===== Extracted material =====

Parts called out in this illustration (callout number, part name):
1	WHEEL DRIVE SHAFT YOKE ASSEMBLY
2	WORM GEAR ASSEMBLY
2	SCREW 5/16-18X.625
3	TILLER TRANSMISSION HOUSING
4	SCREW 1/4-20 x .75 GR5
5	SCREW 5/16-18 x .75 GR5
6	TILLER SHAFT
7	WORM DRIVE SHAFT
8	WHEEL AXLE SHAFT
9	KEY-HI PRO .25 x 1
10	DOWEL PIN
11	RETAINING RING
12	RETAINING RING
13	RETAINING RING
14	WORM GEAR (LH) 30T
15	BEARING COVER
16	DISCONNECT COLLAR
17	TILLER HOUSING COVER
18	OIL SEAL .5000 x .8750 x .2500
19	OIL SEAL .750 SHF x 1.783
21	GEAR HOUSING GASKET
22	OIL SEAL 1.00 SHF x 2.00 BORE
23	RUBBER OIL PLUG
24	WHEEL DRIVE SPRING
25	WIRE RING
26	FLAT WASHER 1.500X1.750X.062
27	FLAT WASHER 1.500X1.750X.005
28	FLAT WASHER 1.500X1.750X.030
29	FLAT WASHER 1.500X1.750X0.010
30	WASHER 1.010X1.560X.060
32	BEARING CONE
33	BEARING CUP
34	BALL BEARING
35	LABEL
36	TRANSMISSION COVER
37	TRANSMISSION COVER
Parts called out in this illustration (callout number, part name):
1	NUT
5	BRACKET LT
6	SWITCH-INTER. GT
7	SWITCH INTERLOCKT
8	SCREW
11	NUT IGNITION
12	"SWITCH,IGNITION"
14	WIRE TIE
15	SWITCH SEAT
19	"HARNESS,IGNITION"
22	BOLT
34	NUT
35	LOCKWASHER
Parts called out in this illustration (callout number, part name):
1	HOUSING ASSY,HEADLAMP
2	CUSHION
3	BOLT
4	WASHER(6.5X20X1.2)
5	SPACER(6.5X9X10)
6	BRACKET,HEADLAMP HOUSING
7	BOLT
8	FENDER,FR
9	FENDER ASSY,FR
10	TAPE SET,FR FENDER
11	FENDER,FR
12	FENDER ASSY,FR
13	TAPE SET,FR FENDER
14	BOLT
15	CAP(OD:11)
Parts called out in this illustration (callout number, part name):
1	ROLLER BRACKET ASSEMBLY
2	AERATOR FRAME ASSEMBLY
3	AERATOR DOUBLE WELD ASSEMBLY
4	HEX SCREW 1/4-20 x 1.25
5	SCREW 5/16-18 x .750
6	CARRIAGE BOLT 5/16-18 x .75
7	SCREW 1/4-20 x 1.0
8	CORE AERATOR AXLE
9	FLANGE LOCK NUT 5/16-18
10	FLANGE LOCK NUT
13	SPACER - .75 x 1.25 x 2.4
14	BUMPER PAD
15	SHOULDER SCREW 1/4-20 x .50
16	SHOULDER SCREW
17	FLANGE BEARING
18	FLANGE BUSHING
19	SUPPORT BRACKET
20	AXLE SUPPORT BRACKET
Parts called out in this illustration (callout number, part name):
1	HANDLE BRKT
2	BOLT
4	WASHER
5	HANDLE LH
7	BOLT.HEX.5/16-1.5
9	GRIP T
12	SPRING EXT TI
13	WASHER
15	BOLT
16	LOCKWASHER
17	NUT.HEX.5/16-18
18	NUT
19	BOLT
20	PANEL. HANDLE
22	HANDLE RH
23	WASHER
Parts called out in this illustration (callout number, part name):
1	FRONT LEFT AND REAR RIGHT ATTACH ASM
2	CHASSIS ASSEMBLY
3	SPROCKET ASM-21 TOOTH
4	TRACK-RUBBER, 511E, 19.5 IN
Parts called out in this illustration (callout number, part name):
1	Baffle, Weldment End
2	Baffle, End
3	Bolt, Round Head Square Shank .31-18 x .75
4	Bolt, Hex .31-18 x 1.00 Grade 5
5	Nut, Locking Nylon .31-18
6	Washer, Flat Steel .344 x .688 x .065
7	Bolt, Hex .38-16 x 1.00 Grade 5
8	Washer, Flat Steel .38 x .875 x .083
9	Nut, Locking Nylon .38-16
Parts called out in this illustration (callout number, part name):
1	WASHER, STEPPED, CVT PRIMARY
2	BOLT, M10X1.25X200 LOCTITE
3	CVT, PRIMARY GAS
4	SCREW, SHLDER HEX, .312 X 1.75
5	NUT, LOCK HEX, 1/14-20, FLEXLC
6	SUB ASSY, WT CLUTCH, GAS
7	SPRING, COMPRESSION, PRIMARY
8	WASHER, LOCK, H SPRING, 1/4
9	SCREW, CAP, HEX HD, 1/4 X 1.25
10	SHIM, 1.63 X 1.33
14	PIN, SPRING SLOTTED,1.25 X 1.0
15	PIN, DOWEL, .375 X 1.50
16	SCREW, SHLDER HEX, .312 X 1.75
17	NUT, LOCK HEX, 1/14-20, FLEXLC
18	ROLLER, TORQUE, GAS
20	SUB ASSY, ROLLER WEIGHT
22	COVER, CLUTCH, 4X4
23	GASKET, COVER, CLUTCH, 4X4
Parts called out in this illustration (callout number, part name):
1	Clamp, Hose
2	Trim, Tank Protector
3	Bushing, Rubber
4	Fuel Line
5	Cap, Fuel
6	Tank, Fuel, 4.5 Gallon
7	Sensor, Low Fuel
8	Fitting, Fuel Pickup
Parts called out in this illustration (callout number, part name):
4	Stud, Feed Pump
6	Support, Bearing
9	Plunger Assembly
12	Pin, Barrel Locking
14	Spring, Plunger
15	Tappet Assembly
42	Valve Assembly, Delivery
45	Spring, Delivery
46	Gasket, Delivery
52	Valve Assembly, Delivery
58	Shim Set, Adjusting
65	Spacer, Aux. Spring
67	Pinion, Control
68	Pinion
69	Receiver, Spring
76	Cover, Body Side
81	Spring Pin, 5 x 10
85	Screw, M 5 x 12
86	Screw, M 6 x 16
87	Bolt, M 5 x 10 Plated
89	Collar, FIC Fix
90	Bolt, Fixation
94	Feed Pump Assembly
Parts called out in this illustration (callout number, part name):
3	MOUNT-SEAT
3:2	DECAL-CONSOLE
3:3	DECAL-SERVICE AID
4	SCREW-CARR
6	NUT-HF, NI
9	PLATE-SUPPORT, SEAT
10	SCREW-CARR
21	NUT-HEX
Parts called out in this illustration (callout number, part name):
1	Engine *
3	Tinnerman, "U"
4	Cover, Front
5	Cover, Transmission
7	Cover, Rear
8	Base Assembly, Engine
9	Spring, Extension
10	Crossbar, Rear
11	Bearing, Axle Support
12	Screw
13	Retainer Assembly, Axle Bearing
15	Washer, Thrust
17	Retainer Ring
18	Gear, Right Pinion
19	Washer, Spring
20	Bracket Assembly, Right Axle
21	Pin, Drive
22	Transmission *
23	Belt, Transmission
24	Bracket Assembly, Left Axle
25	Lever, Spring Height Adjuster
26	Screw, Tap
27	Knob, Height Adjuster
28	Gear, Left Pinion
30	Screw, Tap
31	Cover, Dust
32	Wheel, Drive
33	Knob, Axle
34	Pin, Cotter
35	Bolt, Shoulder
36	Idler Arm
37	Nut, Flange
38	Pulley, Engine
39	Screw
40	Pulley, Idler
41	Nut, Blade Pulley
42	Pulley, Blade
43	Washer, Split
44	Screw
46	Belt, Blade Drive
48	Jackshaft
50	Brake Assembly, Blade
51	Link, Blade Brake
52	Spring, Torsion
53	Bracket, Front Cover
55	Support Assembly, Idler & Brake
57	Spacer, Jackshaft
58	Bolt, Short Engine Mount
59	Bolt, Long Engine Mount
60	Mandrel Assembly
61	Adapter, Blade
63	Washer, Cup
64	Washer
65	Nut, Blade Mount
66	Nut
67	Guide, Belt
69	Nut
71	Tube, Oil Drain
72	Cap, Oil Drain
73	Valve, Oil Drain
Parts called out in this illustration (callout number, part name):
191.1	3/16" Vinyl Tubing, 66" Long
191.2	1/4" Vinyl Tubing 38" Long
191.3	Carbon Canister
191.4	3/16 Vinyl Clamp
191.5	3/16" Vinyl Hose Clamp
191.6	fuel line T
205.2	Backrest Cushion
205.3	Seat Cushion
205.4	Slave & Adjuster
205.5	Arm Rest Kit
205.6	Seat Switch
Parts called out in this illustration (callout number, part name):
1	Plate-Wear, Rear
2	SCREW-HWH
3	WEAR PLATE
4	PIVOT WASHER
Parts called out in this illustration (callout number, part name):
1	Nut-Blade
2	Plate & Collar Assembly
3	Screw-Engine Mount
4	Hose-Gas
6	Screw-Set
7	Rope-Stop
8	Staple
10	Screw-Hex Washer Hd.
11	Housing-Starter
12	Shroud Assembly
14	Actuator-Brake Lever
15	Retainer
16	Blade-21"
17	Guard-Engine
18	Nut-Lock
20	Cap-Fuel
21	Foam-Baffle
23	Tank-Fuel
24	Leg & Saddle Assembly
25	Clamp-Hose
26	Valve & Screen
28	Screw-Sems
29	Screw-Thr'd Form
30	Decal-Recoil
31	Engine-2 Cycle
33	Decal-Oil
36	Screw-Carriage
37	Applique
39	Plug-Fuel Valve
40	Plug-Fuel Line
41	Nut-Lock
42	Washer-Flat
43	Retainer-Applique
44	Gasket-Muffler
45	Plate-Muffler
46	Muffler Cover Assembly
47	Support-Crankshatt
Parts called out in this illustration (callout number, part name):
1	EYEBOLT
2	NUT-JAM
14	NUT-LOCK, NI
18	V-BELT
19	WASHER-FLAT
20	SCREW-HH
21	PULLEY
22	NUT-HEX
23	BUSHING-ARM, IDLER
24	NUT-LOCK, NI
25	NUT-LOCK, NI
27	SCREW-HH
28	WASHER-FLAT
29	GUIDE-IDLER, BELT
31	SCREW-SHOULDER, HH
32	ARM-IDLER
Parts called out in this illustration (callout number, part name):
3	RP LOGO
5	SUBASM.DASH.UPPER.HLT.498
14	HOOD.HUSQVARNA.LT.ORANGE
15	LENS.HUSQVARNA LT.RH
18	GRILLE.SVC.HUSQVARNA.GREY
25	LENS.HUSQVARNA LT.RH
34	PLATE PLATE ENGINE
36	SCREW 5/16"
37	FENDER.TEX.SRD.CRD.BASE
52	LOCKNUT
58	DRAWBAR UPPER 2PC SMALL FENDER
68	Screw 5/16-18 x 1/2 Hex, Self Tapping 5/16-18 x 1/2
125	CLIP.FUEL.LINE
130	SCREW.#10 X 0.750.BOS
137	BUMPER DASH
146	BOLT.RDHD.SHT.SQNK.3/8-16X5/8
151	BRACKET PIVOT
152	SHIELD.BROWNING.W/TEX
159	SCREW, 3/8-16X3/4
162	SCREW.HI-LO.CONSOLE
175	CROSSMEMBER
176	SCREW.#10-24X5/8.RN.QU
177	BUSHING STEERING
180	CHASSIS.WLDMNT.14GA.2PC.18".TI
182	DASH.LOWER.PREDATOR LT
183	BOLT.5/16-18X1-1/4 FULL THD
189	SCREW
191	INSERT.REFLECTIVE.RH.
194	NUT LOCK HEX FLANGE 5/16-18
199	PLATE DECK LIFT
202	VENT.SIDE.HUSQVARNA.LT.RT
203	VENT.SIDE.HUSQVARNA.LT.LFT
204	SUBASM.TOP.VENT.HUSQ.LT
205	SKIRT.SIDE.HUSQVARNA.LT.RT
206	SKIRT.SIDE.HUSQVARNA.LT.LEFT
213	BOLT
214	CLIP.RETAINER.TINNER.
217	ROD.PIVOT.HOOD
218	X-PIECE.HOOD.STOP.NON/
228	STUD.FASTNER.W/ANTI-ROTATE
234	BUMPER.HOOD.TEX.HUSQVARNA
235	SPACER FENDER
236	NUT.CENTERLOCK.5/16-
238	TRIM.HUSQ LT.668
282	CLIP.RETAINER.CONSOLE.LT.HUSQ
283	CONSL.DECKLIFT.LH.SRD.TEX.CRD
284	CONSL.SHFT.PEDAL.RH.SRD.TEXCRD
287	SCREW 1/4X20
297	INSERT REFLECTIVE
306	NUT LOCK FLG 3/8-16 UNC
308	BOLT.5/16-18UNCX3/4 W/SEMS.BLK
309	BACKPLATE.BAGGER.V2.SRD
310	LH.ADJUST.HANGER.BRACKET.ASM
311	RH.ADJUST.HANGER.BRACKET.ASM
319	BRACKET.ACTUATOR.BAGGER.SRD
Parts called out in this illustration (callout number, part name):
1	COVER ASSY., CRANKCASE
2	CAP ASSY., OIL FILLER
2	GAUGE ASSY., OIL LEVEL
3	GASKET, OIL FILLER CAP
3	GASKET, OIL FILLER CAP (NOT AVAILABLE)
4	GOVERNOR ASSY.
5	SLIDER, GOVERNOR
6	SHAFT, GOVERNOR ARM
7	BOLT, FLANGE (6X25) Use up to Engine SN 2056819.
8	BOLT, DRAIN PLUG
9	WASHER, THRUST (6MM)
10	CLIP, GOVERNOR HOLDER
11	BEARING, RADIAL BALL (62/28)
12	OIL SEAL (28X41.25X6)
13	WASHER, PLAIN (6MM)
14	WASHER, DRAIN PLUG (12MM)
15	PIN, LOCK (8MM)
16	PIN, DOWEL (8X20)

=====

Scan the entries above, and wherever a line holds the string "INSERT", copy it.

→ **Worked solution**
191	INSERT.REFLECTIVE.RH.
297	INSERT REFLECTIVE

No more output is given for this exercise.